### What you have to do:
Once you reach the line containing "[diagram: same view" in the data below, restate each line word for word up to and including the one containing "#3345=LINE('',#18625,#3915);".

=====

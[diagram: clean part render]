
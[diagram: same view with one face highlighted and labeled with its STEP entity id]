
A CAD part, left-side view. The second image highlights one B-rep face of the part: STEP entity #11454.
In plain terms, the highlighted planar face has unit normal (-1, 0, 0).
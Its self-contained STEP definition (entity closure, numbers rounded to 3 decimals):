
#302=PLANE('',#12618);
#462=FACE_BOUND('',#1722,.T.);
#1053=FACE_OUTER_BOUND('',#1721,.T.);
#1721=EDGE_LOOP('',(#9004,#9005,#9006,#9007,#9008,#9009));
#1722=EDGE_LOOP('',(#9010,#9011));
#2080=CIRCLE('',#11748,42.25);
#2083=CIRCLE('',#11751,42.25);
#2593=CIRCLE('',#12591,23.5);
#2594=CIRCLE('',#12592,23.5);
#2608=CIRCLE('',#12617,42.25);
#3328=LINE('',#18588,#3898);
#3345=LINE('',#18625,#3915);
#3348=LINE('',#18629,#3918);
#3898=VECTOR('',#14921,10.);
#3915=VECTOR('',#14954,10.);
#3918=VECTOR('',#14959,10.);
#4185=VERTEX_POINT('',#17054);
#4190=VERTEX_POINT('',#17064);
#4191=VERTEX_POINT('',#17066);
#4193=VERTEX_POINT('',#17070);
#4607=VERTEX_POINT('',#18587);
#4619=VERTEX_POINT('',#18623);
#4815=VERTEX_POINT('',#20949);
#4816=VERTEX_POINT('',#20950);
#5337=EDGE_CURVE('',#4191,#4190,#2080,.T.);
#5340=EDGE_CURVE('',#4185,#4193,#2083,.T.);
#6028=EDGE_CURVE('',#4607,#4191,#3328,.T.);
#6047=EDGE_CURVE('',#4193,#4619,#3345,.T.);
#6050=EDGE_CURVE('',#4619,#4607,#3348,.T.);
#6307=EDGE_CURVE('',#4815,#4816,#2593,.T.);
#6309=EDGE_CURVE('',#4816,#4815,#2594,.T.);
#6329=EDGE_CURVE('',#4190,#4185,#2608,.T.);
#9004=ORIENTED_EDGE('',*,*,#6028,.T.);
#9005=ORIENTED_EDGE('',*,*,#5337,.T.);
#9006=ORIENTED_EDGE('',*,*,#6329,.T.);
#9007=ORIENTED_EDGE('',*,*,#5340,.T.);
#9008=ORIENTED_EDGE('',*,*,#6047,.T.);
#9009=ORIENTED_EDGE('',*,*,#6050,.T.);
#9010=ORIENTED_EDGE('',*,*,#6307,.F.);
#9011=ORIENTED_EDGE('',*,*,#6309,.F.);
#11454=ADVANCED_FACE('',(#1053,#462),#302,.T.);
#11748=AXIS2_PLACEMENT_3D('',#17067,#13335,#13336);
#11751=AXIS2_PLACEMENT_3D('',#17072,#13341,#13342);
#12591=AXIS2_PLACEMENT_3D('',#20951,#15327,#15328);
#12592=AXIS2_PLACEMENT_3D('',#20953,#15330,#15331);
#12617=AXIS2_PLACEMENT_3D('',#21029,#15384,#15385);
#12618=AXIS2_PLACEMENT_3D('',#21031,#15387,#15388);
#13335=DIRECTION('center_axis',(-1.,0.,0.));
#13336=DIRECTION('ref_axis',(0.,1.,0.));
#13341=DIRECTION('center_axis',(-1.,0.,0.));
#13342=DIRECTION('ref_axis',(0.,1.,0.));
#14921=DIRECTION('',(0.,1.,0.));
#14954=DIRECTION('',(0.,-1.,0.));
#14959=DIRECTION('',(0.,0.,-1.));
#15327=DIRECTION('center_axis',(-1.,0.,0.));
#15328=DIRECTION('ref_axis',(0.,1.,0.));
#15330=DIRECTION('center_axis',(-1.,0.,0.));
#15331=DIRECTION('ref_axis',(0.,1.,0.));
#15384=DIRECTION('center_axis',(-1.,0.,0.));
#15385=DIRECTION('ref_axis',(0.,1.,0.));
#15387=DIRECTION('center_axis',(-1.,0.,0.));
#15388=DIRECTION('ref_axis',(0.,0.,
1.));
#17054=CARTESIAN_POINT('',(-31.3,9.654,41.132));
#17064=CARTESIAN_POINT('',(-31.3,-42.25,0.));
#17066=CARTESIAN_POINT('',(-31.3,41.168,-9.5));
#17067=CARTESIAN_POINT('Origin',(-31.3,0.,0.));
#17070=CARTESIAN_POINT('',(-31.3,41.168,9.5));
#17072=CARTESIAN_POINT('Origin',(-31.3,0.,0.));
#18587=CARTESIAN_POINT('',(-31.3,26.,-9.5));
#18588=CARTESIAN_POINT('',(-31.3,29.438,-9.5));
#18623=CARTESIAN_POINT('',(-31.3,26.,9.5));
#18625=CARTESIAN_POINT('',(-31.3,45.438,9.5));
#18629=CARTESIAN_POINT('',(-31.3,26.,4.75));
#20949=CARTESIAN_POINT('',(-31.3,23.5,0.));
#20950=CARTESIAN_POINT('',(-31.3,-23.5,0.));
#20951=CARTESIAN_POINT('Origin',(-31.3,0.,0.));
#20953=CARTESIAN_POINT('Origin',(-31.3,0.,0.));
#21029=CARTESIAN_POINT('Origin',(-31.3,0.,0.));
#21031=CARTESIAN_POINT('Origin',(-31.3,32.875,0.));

=====

### Output:
[diagram: same view with one face highlighted and labeled with its STEP entity id]
A CAD part, left-side view. The second image highlights one B-rep face of the part: STEP entity #11454.
In plain terms, the highlighted planar face has unit normal (-1, 0, 0).
Its self-contained STEP definition (entity closure, numbers rounded to 3 decimals):
#302=PLANE('',#12618);
#462=FACE_BOUND('',#1722,.T.);
#1053=FACE_OUTER_BOUND('',#1721,.T.);
#1721=EDGE_LOOP('',(#9004,#9005,#9006,#9007,#9008,#9009));
#1722=EDGE_LOOP('',(#9010,#9011));
#2080=CIRCLE('',#11748,42.25);
#2083=CIRCLE('',#11751,42.25);
#2593=CIRCLE('',#12591,23.5);
#2594=CIRCLE('',#12592,23.5);
#2608=CIRCLE('',#12617,42.25);
#3328=LINE('',#18588,#3898);
#3345=LINE('',#18625,#3915);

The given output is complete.